From the entries, copy out every line in which the word "unknown" is found.
= = = = = = =
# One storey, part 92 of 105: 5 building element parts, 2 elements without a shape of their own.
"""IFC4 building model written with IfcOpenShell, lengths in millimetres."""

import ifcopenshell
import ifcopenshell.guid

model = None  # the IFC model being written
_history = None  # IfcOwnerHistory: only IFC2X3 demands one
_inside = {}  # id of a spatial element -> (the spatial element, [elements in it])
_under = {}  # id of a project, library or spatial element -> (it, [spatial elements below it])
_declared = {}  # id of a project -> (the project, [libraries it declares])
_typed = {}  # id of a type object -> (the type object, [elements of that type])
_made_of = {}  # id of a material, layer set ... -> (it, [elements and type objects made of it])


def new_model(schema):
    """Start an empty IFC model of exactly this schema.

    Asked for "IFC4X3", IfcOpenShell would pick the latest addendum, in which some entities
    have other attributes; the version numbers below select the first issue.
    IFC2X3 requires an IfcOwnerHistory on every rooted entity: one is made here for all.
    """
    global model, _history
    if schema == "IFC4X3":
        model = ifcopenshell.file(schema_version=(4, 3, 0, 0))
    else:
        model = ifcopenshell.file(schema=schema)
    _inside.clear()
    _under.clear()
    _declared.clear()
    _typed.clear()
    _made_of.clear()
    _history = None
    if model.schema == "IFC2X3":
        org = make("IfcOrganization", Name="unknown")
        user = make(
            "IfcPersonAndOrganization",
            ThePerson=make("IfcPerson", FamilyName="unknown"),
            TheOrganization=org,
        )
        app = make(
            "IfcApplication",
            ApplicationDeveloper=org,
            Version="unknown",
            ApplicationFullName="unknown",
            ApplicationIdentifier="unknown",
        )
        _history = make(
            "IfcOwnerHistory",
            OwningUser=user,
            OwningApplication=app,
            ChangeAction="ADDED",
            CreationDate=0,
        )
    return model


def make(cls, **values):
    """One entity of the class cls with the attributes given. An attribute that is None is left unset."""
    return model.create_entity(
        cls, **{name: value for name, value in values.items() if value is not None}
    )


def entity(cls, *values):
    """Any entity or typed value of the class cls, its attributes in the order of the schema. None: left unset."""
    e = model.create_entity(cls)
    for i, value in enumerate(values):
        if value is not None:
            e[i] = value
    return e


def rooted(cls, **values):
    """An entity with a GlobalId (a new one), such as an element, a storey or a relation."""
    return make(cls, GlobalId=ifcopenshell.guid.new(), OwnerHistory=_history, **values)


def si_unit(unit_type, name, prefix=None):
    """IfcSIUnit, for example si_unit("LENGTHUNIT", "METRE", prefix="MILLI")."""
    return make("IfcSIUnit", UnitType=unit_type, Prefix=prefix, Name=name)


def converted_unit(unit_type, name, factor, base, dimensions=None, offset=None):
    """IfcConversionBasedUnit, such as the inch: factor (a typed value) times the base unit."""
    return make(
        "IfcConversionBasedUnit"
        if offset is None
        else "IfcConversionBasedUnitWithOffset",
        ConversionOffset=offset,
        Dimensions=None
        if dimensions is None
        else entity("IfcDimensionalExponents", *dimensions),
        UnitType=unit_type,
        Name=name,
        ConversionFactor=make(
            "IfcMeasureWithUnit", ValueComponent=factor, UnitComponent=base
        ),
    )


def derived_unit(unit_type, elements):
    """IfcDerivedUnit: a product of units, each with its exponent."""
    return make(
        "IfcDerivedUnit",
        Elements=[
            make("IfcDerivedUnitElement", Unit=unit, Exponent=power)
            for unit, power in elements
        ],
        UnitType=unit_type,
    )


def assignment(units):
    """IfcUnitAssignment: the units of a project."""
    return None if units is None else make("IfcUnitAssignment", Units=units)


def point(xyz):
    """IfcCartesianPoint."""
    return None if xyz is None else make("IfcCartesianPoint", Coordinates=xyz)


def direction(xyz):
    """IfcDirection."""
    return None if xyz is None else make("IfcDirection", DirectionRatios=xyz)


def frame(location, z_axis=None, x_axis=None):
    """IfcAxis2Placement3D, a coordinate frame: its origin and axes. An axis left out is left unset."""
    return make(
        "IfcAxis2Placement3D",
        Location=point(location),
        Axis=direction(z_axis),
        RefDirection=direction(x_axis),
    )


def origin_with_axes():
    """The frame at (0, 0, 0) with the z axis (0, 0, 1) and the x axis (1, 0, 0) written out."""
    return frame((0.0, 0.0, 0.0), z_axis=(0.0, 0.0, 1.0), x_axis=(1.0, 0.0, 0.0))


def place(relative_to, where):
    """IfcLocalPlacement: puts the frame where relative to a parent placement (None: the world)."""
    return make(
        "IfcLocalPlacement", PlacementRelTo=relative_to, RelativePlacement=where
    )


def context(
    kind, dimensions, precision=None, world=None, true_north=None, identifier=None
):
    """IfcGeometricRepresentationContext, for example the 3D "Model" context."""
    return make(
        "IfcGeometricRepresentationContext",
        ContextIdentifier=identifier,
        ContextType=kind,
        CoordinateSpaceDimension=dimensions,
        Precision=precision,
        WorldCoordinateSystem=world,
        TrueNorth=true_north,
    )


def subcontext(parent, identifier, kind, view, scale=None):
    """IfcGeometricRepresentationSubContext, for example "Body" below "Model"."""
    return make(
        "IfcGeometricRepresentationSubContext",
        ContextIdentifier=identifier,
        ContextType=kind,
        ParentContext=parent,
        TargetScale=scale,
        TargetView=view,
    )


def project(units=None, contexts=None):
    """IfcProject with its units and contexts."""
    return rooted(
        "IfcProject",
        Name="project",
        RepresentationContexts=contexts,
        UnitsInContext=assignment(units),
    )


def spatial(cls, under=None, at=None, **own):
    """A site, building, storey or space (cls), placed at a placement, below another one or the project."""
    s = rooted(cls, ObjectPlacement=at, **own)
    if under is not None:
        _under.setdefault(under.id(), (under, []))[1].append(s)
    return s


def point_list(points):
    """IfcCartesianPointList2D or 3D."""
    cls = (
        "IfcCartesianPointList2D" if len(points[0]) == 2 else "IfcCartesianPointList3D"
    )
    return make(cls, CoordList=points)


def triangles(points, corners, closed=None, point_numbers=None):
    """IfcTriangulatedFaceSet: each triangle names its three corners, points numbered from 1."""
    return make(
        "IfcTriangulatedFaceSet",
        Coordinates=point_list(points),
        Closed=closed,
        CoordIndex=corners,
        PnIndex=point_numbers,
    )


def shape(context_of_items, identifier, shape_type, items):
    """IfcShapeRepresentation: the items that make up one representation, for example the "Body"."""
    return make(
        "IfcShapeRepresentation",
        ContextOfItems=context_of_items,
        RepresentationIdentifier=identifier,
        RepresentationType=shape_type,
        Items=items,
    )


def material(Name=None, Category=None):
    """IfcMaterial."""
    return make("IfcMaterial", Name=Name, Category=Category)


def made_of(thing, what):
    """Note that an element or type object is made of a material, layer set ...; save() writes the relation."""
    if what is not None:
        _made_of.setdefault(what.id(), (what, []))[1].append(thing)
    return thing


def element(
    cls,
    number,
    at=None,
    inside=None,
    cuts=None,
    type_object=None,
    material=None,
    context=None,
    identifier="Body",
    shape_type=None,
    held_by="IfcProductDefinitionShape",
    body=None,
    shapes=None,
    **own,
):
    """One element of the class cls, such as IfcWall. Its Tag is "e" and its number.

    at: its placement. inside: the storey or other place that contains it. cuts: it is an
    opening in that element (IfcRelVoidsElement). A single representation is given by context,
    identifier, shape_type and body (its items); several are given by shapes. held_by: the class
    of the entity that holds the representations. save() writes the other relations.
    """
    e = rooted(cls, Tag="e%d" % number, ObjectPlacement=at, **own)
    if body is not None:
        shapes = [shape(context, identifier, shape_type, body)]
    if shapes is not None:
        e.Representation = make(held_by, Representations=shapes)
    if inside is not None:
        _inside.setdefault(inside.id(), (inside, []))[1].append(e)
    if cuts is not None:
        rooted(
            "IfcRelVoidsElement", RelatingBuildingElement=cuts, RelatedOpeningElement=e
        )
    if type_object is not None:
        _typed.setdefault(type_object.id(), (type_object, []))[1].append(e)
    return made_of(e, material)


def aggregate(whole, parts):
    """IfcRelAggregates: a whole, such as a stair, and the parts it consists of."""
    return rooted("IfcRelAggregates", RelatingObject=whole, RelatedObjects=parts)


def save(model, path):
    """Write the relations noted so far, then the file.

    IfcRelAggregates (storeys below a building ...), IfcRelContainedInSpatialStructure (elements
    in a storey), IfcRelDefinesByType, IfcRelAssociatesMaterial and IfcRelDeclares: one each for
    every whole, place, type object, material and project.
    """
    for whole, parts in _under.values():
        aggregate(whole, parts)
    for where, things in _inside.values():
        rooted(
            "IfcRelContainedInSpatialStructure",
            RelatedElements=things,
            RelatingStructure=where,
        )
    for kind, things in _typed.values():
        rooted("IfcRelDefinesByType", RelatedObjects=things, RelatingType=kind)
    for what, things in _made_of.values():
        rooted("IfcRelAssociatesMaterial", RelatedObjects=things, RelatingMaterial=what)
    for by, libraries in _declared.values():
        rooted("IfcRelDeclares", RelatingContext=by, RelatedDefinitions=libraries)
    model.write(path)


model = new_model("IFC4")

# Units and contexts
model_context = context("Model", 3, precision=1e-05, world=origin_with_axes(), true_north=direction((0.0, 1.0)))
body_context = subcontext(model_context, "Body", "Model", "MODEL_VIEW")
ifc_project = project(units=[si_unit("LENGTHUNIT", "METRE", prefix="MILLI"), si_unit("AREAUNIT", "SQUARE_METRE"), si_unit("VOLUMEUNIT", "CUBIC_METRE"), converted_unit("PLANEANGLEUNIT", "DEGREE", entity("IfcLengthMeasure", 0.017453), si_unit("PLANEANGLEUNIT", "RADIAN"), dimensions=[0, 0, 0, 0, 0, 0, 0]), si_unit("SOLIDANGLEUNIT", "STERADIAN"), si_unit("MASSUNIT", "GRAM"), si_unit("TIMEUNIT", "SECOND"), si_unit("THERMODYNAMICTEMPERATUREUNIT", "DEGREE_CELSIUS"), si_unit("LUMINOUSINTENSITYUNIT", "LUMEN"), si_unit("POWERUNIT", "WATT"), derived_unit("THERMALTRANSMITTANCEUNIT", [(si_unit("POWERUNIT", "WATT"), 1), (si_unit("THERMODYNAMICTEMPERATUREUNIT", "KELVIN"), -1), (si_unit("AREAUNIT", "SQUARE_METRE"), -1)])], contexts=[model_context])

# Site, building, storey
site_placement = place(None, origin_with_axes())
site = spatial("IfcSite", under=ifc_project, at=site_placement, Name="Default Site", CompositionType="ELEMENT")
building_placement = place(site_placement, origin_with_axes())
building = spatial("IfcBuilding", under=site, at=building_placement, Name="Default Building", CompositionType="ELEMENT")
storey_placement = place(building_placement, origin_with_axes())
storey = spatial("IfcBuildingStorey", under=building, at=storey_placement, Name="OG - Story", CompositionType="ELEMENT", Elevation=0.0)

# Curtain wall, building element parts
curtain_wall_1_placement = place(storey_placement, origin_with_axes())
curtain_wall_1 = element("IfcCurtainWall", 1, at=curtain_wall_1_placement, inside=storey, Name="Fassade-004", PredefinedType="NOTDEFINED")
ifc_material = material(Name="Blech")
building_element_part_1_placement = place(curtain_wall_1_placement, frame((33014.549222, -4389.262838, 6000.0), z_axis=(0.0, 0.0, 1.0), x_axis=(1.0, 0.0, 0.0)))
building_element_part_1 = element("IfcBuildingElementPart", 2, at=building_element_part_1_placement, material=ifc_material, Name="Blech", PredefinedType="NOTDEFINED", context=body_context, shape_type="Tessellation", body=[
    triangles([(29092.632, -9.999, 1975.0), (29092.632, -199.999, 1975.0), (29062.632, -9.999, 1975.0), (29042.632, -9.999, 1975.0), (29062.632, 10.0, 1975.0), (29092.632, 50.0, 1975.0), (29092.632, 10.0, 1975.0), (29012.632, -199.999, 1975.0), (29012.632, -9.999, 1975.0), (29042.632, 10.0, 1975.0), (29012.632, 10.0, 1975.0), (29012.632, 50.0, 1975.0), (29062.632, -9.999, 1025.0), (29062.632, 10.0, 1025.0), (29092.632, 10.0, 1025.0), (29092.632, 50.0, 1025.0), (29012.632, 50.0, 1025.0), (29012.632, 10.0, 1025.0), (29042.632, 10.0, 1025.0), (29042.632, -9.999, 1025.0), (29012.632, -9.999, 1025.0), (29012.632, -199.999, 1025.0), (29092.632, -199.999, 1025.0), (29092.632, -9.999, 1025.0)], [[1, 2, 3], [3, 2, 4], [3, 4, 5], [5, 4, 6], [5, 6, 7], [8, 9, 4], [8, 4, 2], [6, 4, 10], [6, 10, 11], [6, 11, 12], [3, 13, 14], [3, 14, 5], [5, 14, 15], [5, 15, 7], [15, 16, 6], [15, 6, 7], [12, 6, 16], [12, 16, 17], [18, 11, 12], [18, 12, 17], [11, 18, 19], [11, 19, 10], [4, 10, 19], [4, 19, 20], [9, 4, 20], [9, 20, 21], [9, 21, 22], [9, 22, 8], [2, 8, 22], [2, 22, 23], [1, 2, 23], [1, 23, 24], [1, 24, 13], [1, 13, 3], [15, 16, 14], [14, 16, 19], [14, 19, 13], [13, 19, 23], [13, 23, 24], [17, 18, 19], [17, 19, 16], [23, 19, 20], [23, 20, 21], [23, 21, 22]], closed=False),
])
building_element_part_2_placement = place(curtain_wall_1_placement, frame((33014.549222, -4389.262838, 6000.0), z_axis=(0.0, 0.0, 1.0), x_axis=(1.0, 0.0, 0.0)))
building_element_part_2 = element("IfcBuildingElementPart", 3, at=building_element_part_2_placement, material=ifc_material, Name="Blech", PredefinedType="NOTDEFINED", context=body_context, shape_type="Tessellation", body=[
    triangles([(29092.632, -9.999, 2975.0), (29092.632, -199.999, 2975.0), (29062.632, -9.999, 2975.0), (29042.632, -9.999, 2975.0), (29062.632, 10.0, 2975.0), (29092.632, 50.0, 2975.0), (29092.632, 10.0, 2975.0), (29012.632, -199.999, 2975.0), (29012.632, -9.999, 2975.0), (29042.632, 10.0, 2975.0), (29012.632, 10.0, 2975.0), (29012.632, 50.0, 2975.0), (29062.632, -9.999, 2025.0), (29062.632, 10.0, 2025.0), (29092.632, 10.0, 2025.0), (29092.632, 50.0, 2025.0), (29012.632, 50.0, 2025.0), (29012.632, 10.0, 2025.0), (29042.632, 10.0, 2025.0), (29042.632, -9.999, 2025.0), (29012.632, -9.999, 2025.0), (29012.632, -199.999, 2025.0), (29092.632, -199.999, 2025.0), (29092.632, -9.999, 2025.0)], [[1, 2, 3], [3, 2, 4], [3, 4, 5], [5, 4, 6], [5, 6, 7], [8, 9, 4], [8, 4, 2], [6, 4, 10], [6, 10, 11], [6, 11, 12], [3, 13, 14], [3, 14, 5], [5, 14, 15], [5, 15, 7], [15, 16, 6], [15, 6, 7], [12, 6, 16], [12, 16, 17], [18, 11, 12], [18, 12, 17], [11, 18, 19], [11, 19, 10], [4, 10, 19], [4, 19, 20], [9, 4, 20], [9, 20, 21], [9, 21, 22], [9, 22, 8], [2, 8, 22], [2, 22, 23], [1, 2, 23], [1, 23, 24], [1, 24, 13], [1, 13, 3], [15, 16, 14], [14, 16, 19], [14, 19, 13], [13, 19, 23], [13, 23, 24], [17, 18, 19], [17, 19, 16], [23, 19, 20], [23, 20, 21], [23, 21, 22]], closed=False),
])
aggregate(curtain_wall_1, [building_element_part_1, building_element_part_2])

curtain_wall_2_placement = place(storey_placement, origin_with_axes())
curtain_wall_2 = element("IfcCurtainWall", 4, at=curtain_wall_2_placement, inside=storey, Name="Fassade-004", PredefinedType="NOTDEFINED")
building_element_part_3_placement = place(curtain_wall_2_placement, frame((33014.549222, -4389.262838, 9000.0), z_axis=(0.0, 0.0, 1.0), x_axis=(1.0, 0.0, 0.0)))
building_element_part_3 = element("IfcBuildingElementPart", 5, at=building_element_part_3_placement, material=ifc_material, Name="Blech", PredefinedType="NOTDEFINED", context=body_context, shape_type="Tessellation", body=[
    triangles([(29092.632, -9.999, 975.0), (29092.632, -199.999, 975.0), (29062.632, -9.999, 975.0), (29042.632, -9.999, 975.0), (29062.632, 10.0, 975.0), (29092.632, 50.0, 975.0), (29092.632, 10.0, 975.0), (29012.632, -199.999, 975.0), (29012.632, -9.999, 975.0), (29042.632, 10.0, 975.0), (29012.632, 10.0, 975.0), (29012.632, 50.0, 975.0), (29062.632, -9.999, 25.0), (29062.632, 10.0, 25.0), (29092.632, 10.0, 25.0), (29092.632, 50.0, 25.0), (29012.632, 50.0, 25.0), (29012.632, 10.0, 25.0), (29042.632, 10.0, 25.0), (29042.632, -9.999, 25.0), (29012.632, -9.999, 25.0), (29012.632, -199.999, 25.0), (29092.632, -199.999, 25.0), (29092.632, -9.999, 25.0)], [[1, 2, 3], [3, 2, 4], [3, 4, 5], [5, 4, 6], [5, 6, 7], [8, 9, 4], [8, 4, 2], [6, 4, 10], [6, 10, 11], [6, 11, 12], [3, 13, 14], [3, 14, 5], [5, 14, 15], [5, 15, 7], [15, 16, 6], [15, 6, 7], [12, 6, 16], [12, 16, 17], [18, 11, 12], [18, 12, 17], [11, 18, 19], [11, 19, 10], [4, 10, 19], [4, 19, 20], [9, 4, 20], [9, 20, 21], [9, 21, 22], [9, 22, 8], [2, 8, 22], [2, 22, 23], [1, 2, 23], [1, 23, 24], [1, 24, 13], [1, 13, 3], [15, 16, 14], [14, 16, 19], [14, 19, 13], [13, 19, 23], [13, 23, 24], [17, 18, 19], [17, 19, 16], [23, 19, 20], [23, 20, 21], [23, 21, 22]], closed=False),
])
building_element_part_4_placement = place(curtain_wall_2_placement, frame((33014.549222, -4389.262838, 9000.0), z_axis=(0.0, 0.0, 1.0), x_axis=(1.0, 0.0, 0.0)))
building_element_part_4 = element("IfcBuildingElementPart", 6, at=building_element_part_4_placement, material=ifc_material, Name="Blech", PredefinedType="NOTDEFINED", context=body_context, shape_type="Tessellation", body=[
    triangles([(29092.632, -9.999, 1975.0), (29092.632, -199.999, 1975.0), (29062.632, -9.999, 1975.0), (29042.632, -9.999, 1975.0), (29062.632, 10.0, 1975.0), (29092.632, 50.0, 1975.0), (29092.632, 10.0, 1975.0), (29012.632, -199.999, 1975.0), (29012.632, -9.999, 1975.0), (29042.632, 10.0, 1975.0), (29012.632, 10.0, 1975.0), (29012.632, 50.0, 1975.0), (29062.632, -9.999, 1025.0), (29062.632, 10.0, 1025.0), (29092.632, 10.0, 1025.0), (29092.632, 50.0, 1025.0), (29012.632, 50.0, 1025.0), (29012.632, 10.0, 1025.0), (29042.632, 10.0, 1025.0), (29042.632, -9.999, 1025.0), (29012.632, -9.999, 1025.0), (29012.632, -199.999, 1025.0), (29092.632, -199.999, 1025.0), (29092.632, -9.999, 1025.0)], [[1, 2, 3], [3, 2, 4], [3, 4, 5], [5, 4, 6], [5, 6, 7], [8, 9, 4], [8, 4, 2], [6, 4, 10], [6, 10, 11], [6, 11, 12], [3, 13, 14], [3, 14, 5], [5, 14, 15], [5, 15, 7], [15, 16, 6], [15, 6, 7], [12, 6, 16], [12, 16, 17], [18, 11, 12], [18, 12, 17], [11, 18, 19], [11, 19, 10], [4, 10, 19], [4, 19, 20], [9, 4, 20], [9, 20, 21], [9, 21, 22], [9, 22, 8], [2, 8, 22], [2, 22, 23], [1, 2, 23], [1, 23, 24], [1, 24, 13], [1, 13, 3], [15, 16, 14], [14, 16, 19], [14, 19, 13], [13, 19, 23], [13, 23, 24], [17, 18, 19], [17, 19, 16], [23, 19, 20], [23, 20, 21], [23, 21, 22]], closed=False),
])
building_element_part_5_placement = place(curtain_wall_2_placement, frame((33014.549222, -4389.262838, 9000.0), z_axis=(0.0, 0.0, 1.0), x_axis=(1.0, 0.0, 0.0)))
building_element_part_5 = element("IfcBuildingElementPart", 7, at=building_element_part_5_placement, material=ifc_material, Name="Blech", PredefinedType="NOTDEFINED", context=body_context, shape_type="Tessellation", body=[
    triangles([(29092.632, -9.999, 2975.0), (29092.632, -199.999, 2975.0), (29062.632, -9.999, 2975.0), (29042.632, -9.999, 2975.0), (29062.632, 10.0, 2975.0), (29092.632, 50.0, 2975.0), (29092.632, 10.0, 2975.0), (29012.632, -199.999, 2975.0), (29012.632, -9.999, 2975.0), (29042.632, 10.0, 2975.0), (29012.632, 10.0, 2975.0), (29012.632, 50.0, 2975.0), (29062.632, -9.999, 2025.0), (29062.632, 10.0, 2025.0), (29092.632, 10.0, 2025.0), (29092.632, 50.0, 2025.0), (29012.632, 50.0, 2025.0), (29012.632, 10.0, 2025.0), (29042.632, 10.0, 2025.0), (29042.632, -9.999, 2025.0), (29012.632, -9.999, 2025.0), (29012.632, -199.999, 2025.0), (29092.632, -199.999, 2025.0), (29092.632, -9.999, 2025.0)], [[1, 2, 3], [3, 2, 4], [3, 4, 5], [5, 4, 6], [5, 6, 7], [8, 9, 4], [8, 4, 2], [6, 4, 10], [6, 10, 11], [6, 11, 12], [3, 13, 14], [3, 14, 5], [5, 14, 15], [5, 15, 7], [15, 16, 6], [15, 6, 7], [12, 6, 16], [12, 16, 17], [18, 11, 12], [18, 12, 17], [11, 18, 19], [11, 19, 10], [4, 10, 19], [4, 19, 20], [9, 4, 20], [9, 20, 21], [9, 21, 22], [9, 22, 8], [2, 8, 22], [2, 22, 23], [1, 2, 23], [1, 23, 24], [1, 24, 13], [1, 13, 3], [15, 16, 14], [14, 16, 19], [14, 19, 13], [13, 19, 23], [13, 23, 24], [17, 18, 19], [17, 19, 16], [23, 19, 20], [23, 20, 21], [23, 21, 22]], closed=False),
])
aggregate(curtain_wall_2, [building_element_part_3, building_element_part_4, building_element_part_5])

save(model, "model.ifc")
= = = = = = =
* [TASK RESPONSE]
        org = make("IfcOrganization", Name="unknown")
            ThePerson=make("IfcPerson", FamilyName="unknown"),
            Version="unknown",
            ApplicationFullName="unknown",
            ApplicationIdentifier="unknown",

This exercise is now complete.